This repository contains a python implementation of the paper Lazy Random Walks for Superpixel Segmentation. The repository provides a minimal GUI built using the Tkinter library. The GUI exposes various parameters which can be used to tweak the quality of the results obtained. A brief overview of all the parameters and their usage has been given below. For more details about them please refer to the original paper.

Iterative process of LRW followed by energy optimisation
Iterative process of LRW followed by energy optimisation

Parameters

  • Seed Count: The seed count refers to the total number of superpixels we want to have in the final image.

  • Beta: Beta is the Gaussian parameter. It dictates how much the intensity difference between neighbouring pixels affects the result.

  • Lazy Parameter: Lazy parameter is the probability with which the random walk algorithm leaves the node it currently is on. That is it stays on the same node with probability equation where equation is the lazy parameter.

  • Threshold: Threshold is the value of area after which a split in a superpixel will happen. The area function used in the paper is the Local Binary Pattern function which effectively measures the texture content of a region.
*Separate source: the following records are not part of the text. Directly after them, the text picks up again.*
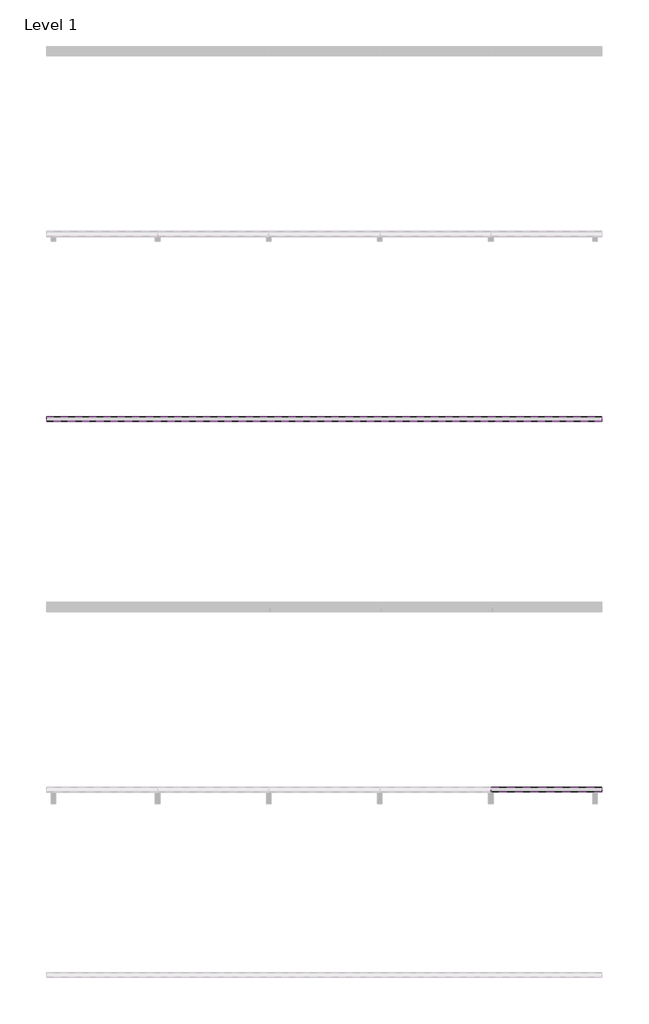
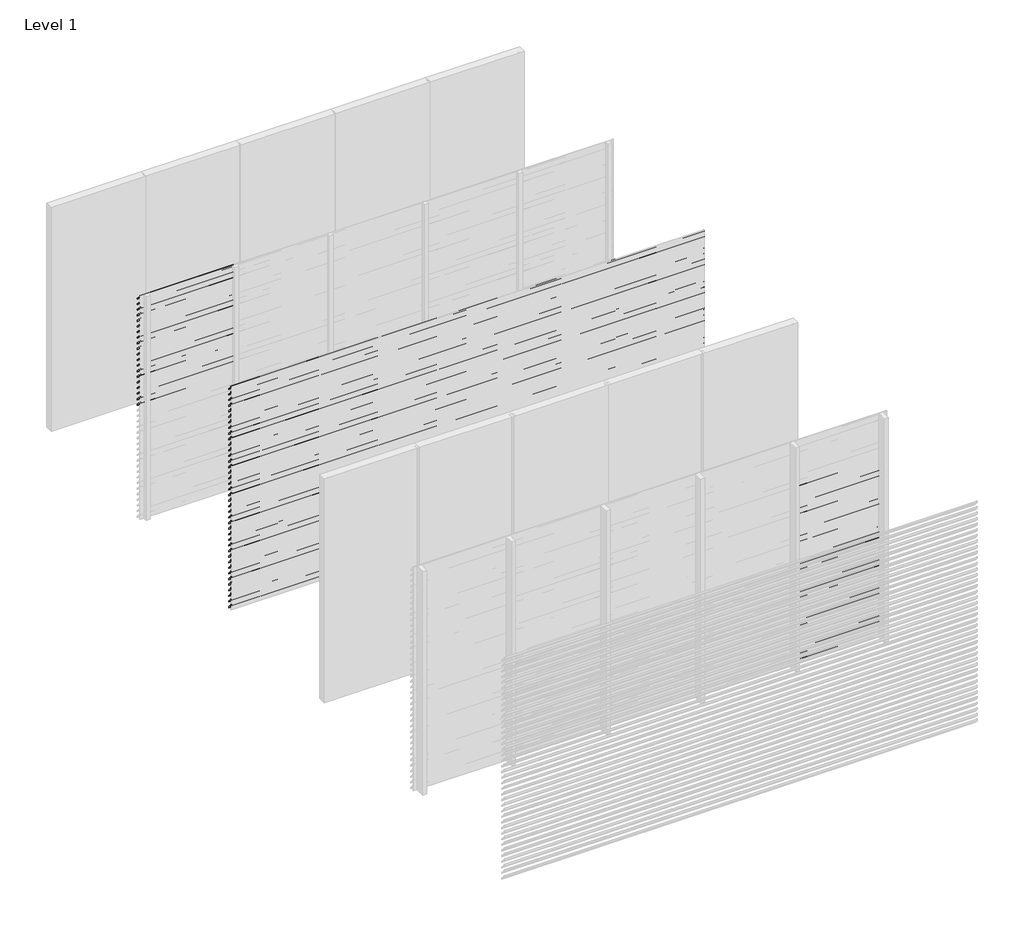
# One storey, part 4 of 11: 92 proxies.
"""IFC4 building model written with IfcOpenShell, lengths in millimetres."""

from ifc_helpers import new_model, si_unit, frame, origin, place, context, project, spatial, polyline, outline, extrude, element, save

model = new_model("IFC4")

# Units and contexts
model_context = context("Model", 3, world=origin())
ifc_project = project(units=[si_unit("LENGTHUNIT", "METRE", prefix="MILLI")], contexts=[model_context])

# Site, building, storey
site = spatial("IfcSite", under=ifc_project)
building = spatial("IfcBuilding", under=site)
storey = spatial("IfcBuildingStorey", under=building, Name="Level 1", Elevation=0.0)

# Proxies
placement = place(None, origin())
element("IfcBuildingElementProxy", 1, Name="Wall Sweeps", at=placement, inside=storey, context=model_context, shape_type="SweptSolid", body=[
    extrude(outline(polyline([(-11995.0, 3000.0), (-11995.0, 2990.7409854), (-11946.0, 2940.0), (-11946.0, 2924.0), (-11997.0, 2976.812046), (-11997.0, 3000.0), (-11995.0, 3000.0)])), frame((0.0, 0.0, 0.0), z_axis=(1.0, 0.0, 0.0), x_axis=(0.0, 1.0, 0.0)), (0.0, 0.0, 1.0), 1200.0),
])
element("IfcBuildingElementProxy", 2, Name="Wall Sweeps", at=placement, inside=storey, context=model_context, shape_type="SweptSolid", body=[
    extrude(outline(polyline([(-11995.0, 2925.0), (-11995.0, 2915.7409854), (-11946.0, 2865.0), (-11946.0, 2849.0), (-11997.0, 2901.812046), (-11997.0, 2925.0), (-11995.0, 2925.0)])), frame((0.0, 0.0, 0.0), z_axis=(1.0, 0.0, 0.0), x_axis=(0.0, 1.0, 0.0)), (0.0, 0.0, 1.0), 1200.0),
])
element("IfcBuildingElementProxy", 3, Name="Wall Sweeps", at=placement, inside=storey, context=model_context, shape_type="SweptSolid", body=[
    extrude(outline(polyline([(-11995.0, 2850.0), (-11995.0, 2840.7409854), (-11946.0, 2790.0), (-11946.0, 2774.0), (-11997.0, 2826.812046), (-11997.0, 2850.0), (-11995.0, 2850.0)])), frame((0.0, 0.0, 0.0), z_axis=(1.0, 0.0, 0.0), x_axis=(0.0, 1.0, 0.0)), (0.0, 0.0, 1.0), 1200.0),
])
element("IfcBuildingElementProxy", 4, Name="Wall Sweeps", at=placement, inside=storey, context=model_context, shape_type="SweptSolid", body=[
    extrude(outline(polyline([(-11995.0, 2775.0), (-11995.0, 2765.7409854), (-11946.0, 2715.0), (-11946.0, 2699.0), (-11997.0, 2751.812046), (-11997.0, 2775.0), (-11995.0, 2775.0)])), frame((0.0, 0.0, 0.0), z_axis=(1.0, 0.0, 0.0), x_axis=(0.0, 1.0, 0.0)), (0.0, 0.0, 1.0), 1200.0),
])
element("IfcBuildingElementProxy", 5, Name="Wall Sweeps", at=placement, inside=storey, context=model_context, shape_type="SweptSolid", body=[
    extrude(outline(polyline([(-11995.0, 2700.0), (-11995.0, 2690.7409854), (-11946.0, 2640.0), (-11946.0, 2624.0), (-11997.0, 2676.812046), (-11997.0, 2700.0), (-11995.0, 2700.0)])), frame((0.0, 0.0, 0.0), z_axis=(1.0, 0.0, 0.0), x_axis=(0.0, 1.0, 0.0)), (0.0, 0.0, 1.0), 1200.0),
])
element("IfcBuildingElementProxy", 6, Name="Wall Sweeps", at=placement, inside=storey, context=model_context, shape_type="SweptSolid", body=[
    extrude(outline(polyline([(-11995.0, 2625.0), (-11995.0, 2615.7409854), (-11946.0, 2565.0), (-11946.0, 2549.0), (-11997.0, 2601.812046), (-11997.0, 2625.0), (-11995.0, 2625.0)])), frame((0.0, 0.0, 0.0), z_axis=(1.0, 0.0, 0.0), x_axis=(0.0, 1.0, 0.0)), (0.0, 0.0, 1.0), 1200.0),
])
element("IfcBuildingElementProxy", 7, Name="Wall Sweeps", at=placement, inside=storey, context=model_context, shape_type="SweptSolid", body=[
    extrude(outline(polyline([(-11995.0, 2550.0), (-11995.0, 2540.7409854), (-11946.0, 2490.0), (-11946.0, 2474.0), (-11997.0, 2526.812046), (-11997.0, 2550.0), (-11995.0, 2550.0)])), frame((0.0, 0.0, 0.0), z_axis=(1.0, 0.0, 0.0), x_axis=(0.0, 1.0, 0.0)), (0.0, 0.0, 1.0), 1200.0),
])
element("IfcBuildingElementProxy", 8, Name="Wall Sweeps", at=placement, inside=storey, context=model_context, shape_type="SweptSolid", body=[
    extrude(outline(polyline([(-11995.0, 2475.0), (-11995.0, 2465.7409854), (-11946.0, 2415.0), (-11946.0, 2399.0), (-11997.0, 2451.812046), (-11997.0, 2475.0), (-11995.0, 2475.0)])), frame((0.0, 0.0, 0.0), z_axis=(1.0, 0.0, 0.0), x_axis=(0.0, 1.0, 0.0)), (0.0, 0.0, 1.0), 1200.0),
])
element("IfcBuildingElementProxy", 9, Name="Wall Sweeps", at=placement, inside=storey, context=model_context, shape_type="SweptSolid", body=[
    extrude(outline(polyline([(-11995.0, 2400.0), (-11995.0, 2390.7409854), (-11946.0, 2340.0), (-11946.0, 2324.0), (-11997.0, 2376.812046), (-11997.0, 2400.0), (-11995.0, 2400.0)])), frame((0.0, 0.0, 0.0), z_axis=(1.0, 0.0, 0.0), x_axis=(0.0, 1.0, 0.0)), (0.0, 0.0, 1.0), 1200.0),
])
element("IfcBuildingElementProxy", 10, Name="Wall Sweeps", at=placement, inside=storey, context=model_context, shape_type="SweptSolid", body=[
    extrude(outline(polyline([(-11995.0, 2325.0), (-11995.0, 2315.7409854), (-11946.0, 2265.0), (-11946.0, 2249.0), (-11997.0, 2301.812046), (-11997.0, 2325.0), (-11995.0, 2325.0)])), frame((0.0, 0.0, 0.0), z_axis=(1.0, 0.0, 0.0), x_axis=(0.0, 1.0, 0.0)), (0.0, 0.0, 1.0), 1200.0),
])
element("IfcBuildingElementProxy", 11, Name="Wall Sweeps", at=placement, inside=storey, context=model_context, shape_type="SweptSolid", body=[
    extrude(outline(polyline([(-11995.0, 2250.0), (-11995.0, 2240.7409854), (-11946.0, 2190.0), (-11946.0, 2174.0), (-11997.0, 2226.812046), (-11997.0, 2250.0), (-11995.0, 2250.0)])), frame((0.0, 0.0, 0.0), z_axis=(1.0, 0.0, 0.0), x_axis=(0.0, 1.0, 0.0)), (0.0, 0.0, 1.0), 1200.0),
])
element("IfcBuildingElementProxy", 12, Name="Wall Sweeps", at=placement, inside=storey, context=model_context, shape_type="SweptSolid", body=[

  • Max Iterations: Max iterations refer to the maximum number of times the LRW and area optimisation algorithm will be run.

GUI GUI
Screenshots of the GUI

Results

We ran our algorithm on the Berkely Segmentation Dataset (BSDS300) and have provided the results in a OneDrive folder. We also performed qualitative and quantitative comparisons of our algorithm with several other well known algorithms such as Random Walk, Compact Watershed and SLIC.

GUI
Qualitative comparison of various algorithms

Installation

To run the GUI, first install the python dependencies defined in requirements.txt using:

pip install -r requirements.txt

Alternatively if you use NixOS or the Nix package manager you can easily enter a shell provisioned with the needed dependencies using:

nix-shell

Once the dependencies have been installed you can run the GUI using:

python main.py

Repository Structure

.
├── benchmark.ipynb     (Notebook containing benchmarks and comparisons with other algorithms)
├── experiments.ipynb   (Notebook containing experiments performed on hyperparameters)
├── images              (Directory containing all the images used)
├── main.py             (Entrypoint for the GUI)
├── media               (Media files neeeded for the repository and presentation)
├── README.md
├── requirements.txt    (PyPi Dependancies)
├── shell.nix           (Nix Dependancies)
└── src
    ├── dataset_test.py (Code for testing on BSDS300)
    ├── lrw.py          (Code containing the main algorithm)
    └── utils.py        (Commonly needed utility functions)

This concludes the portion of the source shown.